- _WHAT TO WORK ON_: Among the lines below, list those containing the string "cylindrical".

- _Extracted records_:
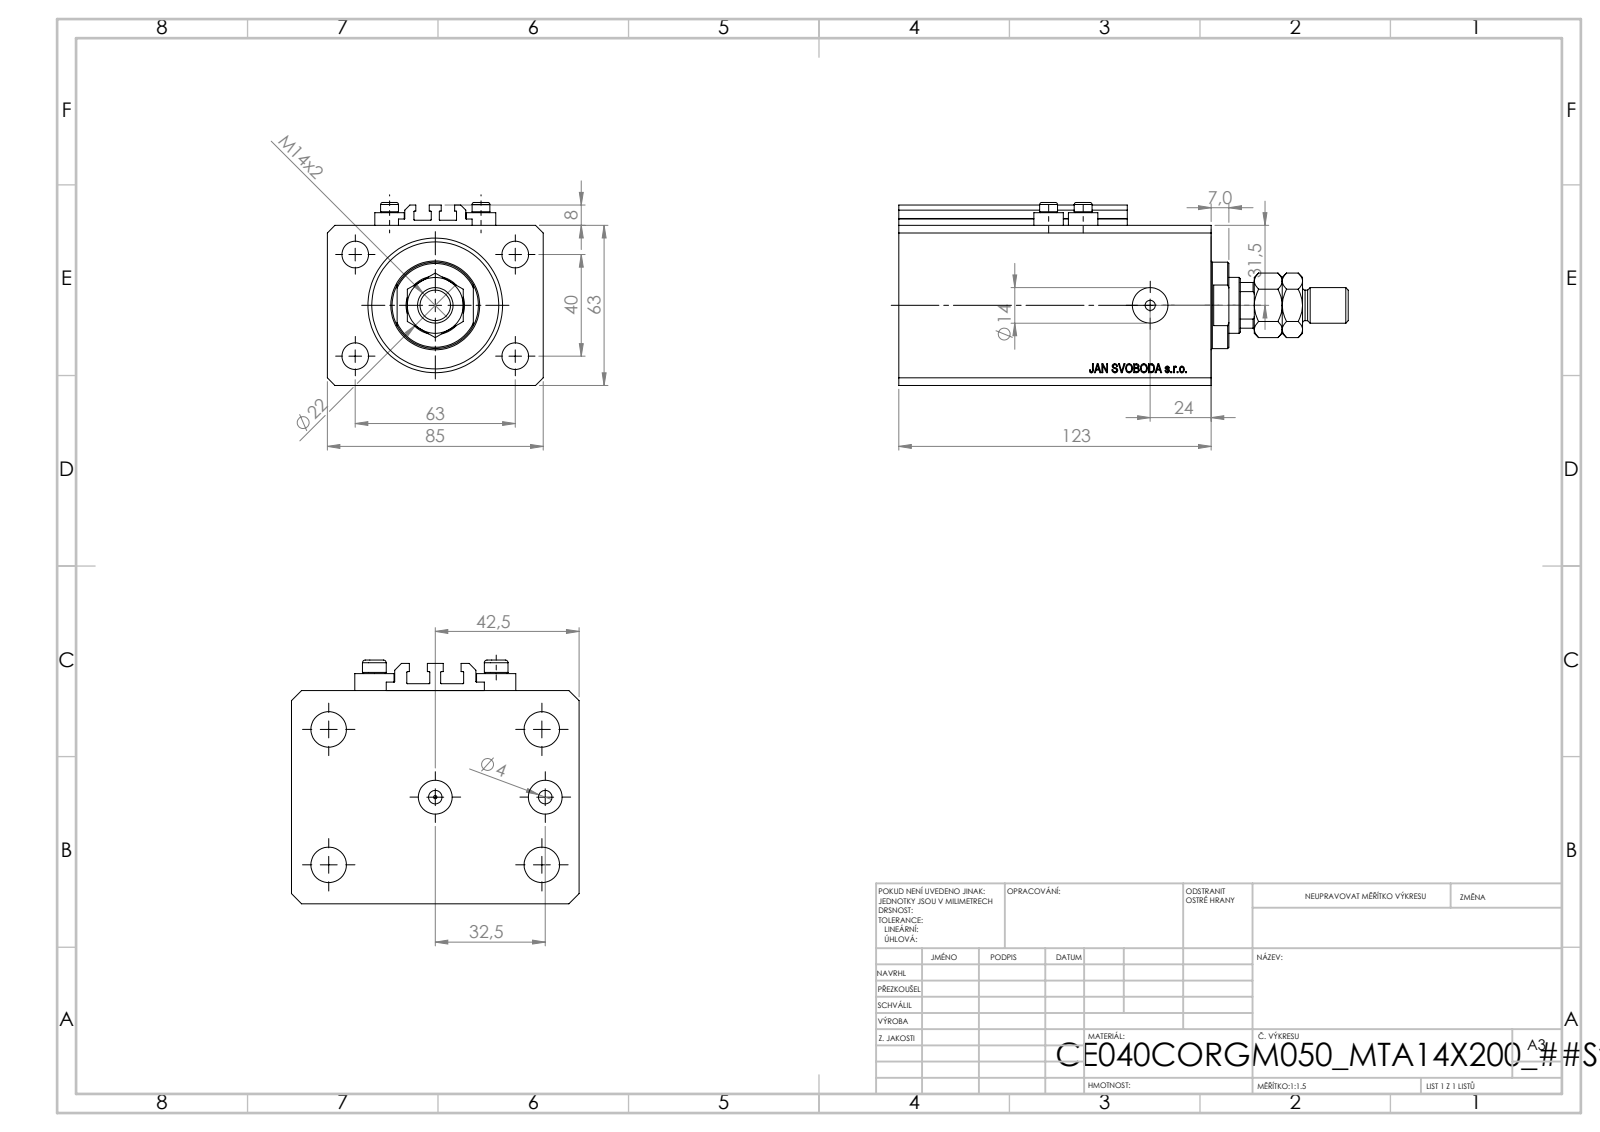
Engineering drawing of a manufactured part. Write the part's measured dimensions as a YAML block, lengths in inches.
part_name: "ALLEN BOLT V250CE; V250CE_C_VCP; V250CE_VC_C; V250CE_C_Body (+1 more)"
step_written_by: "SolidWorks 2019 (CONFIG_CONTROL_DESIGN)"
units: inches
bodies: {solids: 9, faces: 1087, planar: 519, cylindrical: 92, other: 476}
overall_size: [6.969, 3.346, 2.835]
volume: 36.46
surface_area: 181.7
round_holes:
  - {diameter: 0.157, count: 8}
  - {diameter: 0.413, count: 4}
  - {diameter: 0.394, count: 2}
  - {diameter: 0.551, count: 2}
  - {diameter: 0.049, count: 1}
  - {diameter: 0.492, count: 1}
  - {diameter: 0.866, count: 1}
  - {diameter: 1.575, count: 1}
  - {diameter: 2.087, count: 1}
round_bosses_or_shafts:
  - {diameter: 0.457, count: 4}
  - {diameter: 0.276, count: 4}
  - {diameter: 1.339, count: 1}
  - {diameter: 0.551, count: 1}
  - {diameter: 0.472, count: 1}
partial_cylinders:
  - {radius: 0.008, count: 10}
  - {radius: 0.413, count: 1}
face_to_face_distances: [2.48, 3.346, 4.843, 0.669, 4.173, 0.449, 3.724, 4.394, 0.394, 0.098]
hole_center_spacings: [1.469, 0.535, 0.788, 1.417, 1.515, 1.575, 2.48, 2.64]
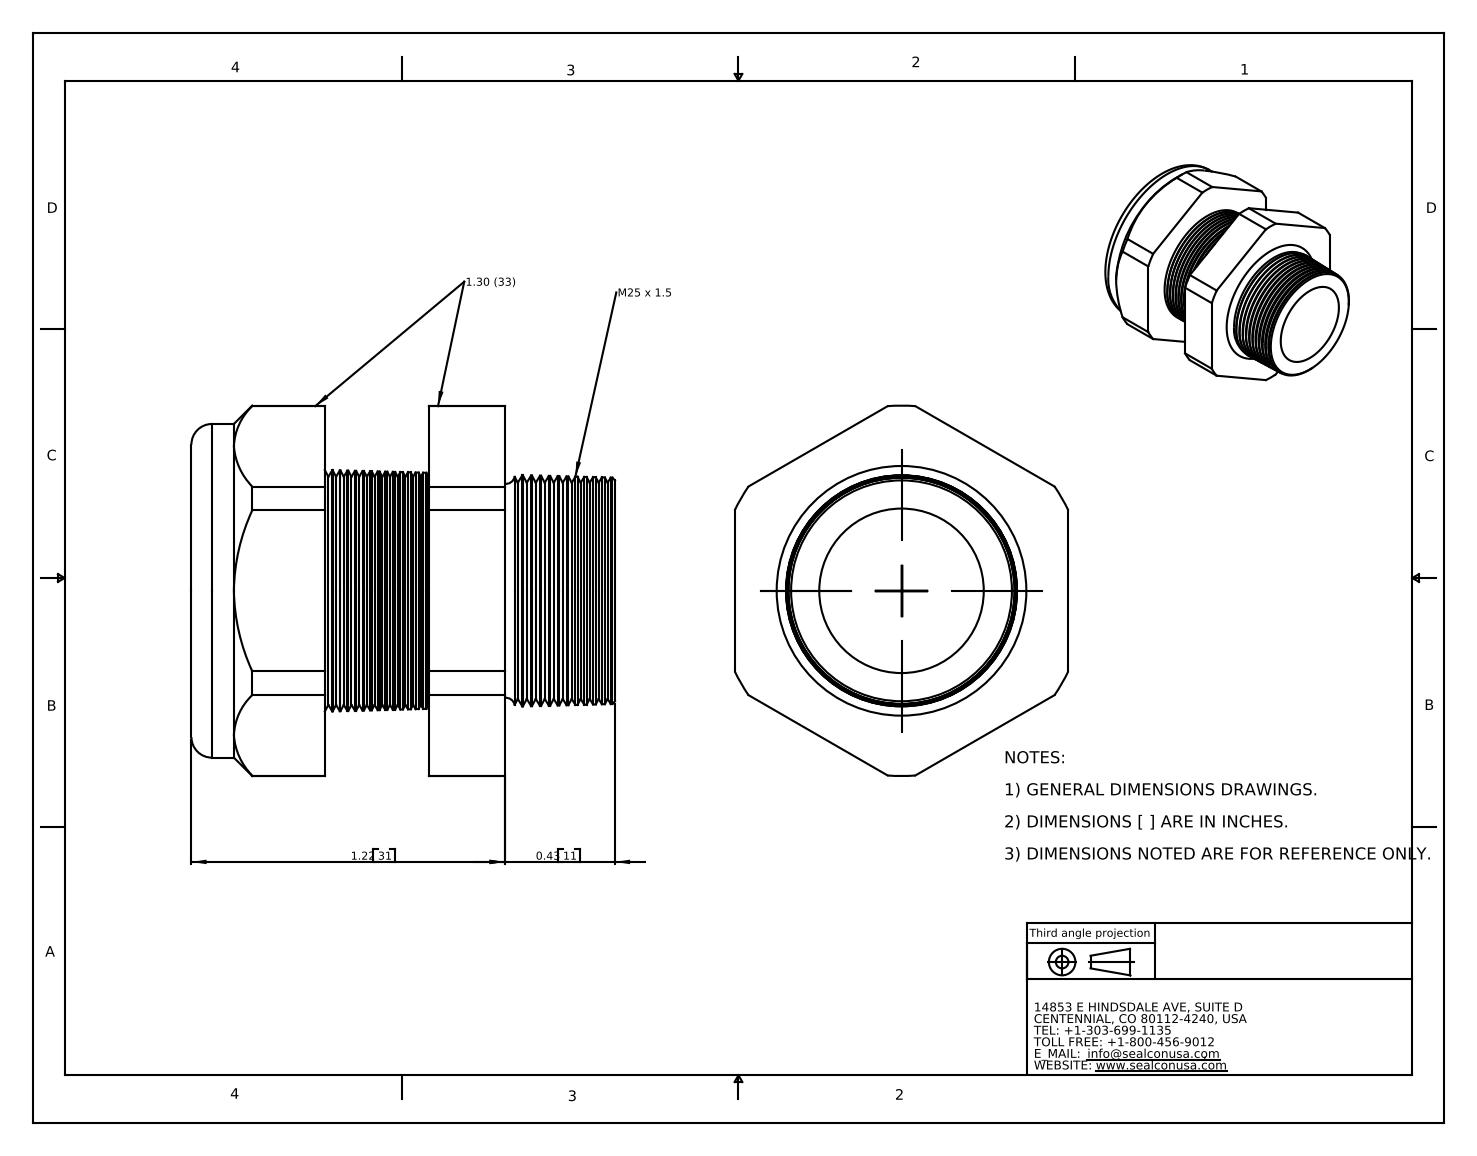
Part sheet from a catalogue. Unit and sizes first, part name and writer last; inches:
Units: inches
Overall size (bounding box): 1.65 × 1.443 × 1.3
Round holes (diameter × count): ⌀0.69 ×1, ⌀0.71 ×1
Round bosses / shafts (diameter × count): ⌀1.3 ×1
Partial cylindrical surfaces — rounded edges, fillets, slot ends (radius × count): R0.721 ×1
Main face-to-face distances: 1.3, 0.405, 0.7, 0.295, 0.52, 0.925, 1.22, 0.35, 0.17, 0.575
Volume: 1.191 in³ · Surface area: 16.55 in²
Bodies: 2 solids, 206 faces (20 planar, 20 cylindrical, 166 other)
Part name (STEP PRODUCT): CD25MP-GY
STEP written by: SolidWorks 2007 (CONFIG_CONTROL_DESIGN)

- _RESULT_:
bodies: {solids: 9, faces: 1087, planar: 519, cylindrical: 92, other: 476}
Partial cylindrical surfaces — rounded edges, fillets, slot ends (radius × count): R0.721 ×1
Bodies: 2 solids, 206 faces (20 planar, 20 cylindrical, 166 other)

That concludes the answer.